[Start of Attachment]

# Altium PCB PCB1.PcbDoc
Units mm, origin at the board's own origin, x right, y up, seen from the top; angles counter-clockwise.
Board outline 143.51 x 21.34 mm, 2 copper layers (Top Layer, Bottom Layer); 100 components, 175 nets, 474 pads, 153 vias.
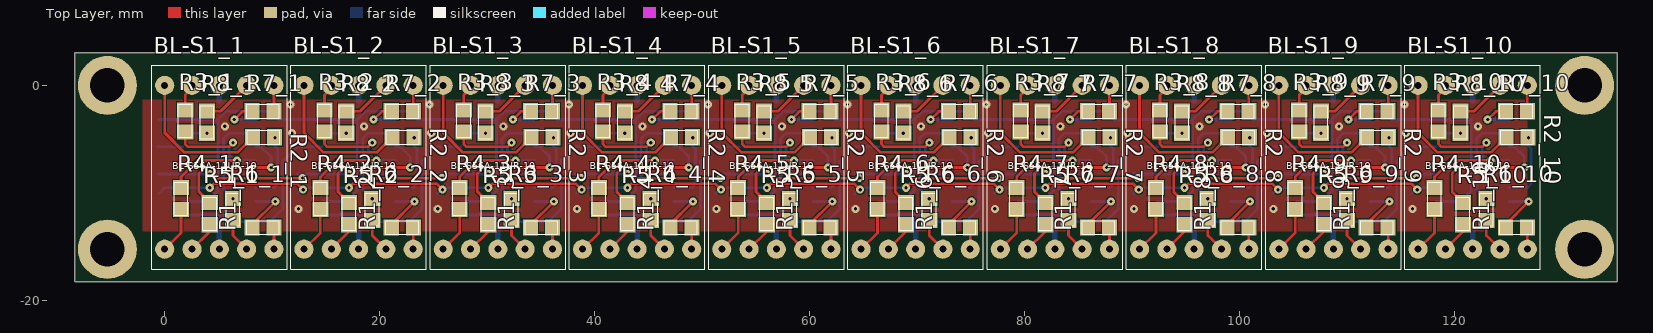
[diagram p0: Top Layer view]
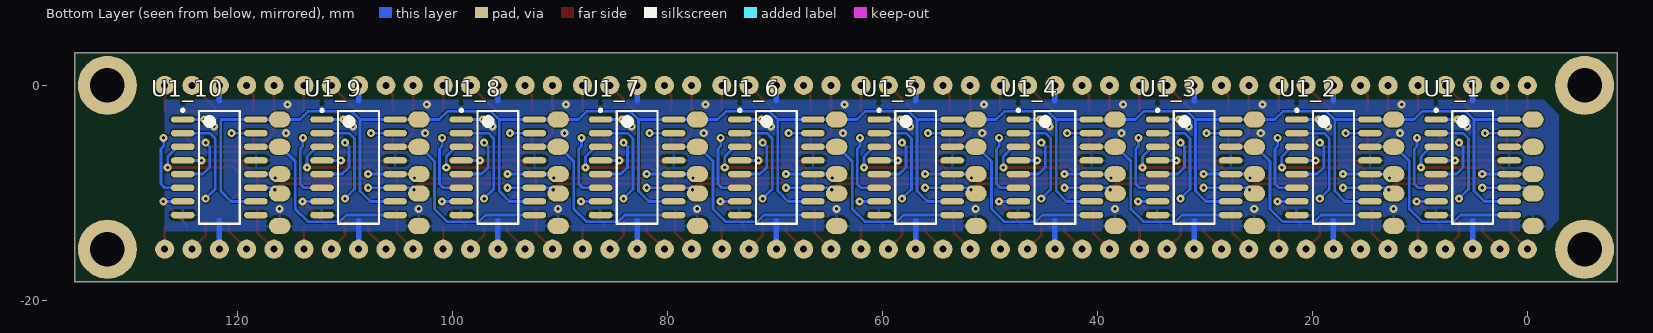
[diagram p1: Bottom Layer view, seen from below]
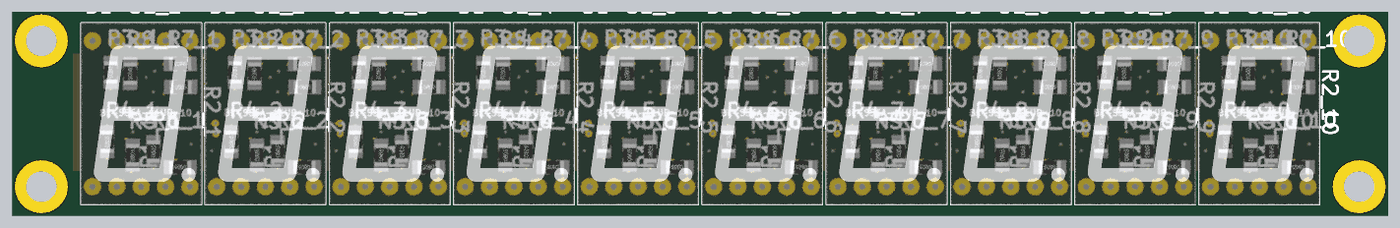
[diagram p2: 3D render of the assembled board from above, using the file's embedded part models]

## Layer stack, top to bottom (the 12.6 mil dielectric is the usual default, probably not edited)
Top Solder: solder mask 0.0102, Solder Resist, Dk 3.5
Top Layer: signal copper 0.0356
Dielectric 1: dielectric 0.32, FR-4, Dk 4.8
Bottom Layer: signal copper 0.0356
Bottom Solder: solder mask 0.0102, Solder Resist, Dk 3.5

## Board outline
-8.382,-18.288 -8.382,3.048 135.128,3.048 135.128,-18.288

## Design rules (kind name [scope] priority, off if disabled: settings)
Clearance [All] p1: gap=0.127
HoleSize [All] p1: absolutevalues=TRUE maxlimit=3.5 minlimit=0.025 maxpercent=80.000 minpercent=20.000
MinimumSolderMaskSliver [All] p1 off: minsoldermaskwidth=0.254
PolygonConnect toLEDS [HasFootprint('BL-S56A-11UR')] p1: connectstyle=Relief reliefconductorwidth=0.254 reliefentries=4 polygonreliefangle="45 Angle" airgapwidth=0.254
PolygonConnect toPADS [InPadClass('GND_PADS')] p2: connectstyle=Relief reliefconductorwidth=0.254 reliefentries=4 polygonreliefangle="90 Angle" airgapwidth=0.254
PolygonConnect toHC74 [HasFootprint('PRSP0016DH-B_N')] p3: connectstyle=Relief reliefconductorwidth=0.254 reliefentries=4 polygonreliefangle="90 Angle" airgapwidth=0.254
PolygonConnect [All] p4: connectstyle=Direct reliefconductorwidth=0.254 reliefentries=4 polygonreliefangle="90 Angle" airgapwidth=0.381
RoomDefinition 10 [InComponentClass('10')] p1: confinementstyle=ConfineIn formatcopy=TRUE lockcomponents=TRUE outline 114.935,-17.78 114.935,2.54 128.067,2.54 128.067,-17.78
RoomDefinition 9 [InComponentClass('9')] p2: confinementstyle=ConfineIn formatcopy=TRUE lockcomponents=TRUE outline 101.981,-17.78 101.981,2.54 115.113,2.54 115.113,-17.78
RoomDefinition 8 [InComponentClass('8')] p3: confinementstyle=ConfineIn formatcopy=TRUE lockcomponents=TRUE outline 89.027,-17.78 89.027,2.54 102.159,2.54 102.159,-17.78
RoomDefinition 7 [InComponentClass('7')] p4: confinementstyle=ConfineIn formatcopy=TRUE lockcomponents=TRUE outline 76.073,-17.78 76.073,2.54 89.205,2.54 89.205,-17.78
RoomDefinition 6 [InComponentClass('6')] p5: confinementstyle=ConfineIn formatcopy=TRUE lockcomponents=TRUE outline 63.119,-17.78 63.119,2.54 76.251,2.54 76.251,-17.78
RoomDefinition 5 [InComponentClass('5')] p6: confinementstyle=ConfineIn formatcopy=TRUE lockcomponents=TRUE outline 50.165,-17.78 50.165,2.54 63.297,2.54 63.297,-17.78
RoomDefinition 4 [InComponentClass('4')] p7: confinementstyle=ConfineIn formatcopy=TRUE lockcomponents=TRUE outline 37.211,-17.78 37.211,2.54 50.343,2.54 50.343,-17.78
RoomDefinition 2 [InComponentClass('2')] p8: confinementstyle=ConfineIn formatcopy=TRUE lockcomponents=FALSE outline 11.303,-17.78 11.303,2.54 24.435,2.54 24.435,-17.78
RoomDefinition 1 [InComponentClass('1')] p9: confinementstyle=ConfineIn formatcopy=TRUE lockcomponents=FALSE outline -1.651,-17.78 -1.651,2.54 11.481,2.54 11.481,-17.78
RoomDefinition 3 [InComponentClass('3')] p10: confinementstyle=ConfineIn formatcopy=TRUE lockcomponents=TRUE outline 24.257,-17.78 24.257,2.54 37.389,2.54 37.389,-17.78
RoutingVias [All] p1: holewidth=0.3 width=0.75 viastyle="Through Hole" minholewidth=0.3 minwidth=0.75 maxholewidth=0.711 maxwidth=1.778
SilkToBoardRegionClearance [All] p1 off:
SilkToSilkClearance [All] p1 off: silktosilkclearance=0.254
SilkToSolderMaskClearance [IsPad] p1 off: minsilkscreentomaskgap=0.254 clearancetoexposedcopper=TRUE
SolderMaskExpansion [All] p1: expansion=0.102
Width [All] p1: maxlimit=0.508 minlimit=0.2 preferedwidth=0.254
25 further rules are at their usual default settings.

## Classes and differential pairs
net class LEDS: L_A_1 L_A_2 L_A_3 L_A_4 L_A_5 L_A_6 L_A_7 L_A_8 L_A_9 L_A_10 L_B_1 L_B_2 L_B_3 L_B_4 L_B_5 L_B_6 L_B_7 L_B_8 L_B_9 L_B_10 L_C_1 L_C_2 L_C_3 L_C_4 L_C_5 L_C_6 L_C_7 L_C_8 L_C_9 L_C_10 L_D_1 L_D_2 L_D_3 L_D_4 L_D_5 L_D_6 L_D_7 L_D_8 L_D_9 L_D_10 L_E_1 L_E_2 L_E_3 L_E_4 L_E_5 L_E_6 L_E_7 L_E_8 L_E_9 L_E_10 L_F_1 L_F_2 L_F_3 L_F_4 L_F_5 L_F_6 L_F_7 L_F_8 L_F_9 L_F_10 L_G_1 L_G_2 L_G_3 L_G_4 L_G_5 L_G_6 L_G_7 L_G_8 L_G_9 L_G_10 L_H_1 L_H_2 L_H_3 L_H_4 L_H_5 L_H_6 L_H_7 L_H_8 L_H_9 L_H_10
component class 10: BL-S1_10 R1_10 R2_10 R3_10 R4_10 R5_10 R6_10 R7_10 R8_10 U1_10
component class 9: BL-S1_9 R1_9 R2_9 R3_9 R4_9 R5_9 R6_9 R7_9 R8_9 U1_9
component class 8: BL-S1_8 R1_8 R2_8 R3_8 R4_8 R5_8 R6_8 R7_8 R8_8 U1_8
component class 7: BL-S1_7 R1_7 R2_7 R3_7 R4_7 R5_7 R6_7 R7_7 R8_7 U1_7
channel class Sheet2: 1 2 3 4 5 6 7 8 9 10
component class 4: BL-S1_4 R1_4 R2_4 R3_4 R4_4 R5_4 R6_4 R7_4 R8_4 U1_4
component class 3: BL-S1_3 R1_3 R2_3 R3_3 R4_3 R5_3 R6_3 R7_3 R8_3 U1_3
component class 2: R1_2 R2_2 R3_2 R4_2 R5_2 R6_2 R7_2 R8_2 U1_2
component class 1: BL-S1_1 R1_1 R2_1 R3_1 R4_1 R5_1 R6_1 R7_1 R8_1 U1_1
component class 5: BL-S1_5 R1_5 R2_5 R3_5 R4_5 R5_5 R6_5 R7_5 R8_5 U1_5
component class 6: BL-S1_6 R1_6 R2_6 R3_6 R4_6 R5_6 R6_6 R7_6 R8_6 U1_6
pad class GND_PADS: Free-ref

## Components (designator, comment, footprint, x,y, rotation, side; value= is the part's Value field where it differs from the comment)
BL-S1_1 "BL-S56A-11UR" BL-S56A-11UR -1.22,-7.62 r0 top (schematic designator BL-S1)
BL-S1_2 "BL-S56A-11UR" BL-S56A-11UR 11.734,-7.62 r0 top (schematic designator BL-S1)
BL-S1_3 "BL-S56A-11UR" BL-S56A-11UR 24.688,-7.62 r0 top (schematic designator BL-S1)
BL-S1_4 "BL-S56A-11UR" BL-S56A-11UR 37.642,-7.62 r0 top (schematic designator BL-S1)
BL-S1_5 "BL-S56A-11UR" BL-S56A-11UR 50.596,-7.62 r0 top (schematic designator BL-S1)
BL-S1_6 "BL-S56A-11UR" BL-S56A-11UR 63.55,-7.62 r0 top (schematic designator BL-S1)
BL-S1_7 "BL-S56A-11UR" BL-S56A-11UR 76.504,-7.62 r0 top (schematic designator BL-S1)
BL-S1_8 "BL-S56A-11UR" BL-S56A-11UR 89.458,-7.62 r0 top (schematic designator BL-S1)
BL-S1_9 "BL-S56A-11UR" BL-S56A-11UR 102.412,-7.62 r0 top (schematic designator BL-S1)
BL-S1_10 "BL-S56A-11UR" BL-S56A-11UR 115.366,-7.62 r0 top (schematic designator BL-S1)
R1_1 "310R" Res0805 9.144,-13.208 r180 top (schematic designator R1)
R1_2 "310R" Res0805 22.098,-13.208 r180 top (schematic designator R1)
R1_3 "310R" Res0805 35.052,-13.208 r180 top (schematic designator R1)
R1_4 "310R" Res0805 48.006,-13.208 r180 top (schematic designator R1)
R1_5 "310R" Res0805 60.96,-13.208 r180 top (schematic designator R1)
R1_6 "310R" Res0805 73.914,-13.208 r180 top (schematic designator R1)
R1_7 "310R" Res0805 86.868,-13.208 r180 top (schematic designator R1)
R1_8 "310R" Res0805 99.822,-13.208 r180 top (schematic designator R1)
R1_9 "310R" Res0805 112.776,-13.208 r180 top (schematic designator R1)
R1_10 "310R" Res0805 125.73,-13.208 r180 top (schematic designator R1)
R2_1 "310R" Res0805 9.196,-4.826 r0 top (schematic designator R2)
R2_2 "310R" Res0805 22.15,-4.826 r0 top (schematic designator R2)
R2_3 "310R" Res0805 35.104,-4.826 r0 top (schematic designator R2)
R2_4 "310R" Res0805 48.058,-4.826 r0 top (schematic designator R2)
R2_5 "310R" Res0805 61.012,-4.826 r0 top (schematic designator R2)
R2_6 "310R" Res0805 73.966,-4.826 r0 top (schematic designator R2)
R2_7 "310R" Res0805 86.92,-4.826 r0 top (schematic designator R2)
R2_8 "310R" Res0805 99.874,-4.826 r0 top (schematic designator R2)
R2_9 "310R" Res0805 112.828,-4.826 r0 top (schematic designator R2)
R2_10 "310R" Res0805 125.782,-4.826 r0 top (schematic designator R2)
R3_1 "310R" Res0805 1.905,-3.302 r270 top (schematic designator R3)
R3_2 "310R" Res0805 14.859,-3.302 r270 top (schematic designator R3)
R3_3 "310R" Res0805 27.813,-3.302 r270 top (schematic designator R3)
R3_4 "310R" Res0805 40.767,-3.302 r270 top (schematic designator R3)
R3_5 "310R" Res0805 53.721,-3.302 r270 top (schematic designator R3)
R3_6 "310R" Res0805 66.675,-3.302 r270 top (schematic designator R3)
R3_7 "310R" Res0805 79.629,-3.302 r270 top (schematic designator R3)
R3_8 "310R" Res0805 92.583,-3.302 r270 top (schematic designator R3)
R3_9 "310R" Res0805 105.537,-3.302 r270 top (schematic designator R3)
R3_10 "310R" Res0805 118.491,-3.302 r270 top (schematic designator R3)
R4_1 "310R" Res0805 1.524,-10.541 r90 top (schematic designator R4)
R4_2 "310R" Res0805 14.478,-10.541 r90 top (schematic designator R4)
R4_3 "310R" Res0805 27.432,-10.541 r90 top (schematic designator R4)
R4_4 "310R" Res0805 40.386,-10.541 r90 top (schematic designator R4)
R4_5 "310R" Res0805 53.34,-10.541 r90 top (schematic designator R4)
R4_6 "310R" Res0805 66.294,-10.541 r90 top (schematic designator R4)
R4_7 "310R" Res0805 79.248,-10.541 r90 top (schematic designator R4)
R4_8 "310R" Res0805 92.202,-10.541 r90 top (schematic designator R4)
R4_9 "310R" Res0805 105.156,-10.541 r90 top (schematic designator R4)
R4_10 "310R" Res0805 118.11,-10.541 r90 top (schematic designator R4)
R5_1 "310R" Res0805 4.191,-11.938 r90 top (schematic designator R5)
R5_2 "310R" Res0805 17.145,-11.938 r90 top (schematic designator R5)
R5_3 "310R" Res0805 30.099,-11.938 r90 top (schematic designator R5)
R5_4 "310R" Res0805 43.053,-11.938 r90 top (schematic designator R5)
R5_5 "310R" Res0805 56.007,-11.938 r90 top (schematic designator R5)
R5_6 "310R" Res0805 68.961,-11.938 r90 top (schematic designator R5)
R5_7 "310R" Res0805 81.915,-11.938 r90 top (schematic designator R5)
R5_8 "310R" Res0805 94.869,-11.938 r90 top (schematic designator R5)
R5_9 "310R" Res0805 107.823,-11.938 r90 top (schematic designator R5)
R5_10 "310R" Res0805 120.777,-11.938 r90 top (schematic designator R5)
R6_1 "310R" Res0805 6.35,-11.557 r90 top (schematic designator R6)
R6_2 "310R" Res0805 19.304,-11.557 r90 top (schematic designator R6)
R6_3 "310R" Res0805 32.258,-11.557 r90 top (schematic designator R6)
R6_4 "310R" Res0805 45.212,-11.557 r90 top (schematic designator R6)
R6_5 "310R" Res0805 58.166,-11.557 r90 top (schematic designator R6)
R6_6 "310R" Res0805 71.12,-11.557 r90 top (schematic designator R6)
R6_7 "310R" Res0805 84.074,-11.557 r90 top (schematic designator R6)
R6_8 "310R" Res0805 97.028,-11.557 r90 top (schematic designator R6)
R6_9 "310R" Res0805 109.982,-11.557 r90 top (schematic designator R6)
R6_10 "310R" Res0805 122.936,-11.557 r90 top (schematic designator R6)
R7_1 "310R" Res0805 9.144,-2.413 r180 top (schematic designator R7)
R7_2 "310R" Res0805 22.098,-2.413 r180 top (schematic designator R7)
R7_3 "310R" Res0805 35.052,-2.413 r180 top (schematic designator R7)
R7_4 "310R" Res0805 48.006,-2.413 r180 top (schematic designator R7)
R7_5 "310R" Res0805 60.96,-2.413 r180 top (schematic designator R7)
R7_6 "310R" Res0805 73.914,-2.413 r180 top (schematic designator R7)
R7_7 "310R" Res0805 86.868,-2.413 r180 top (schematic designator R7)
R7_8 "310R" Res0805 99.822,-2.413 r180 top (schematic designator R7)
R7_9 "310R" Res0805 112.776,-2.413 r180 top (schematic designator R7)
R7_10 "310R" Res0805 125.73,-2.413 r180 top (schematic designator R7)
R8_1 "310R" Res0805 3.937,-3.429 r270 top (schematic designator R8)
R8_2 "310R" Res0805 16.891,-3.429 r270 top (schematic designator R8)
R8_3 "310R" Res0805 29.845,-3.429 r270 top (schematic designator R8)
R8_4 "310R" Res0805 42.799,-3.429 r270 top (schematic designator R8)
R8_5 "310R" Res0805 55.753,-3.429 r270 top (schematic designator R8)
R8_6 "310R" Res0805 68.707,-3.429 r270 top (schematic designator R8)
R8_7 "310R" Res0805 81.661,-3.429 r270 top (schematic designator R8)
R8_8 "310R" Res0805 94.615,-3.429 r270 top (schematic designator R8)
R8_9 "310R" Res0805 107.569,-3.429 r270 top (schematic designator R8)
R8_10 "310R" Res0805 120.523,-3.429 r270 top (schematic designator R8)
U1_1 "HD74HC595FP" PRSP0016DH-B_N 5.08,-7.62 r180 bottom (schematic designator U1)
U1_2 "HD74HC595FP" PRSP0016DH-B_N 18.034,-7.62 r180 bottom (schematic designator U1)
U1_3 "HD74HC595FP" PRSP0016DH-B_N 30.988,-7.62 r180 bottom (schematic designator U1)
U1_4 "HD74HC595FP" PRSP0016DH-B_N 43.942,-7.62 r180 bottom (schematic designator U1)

[End of Attachment]

Using the entries above, return exactly the lines from the line with "3.937,-3.429 r270 top (schematic designator R8)" to the line with "55.753,-3.429 r270 top (schematic designator R8)", counting both of those lines.

**Result of this task:**
R8_1 "310R" Res0805 3.937,-3.429 r270 top (schematic designator R8)
R8_2 "310R" Res0805 16.891,-3.429 r270 top (schematic designator R8)
R8_3 "310R" Res0805 29.845,-3.429 r270 top (schematic designator R8)
R8_4 "310R" Res0805 42.799,-3.429 r270 top (schematic designator R8)
R8_5 "310R" Res0805 55.753,-3.429 r270 top (schematic designator R8)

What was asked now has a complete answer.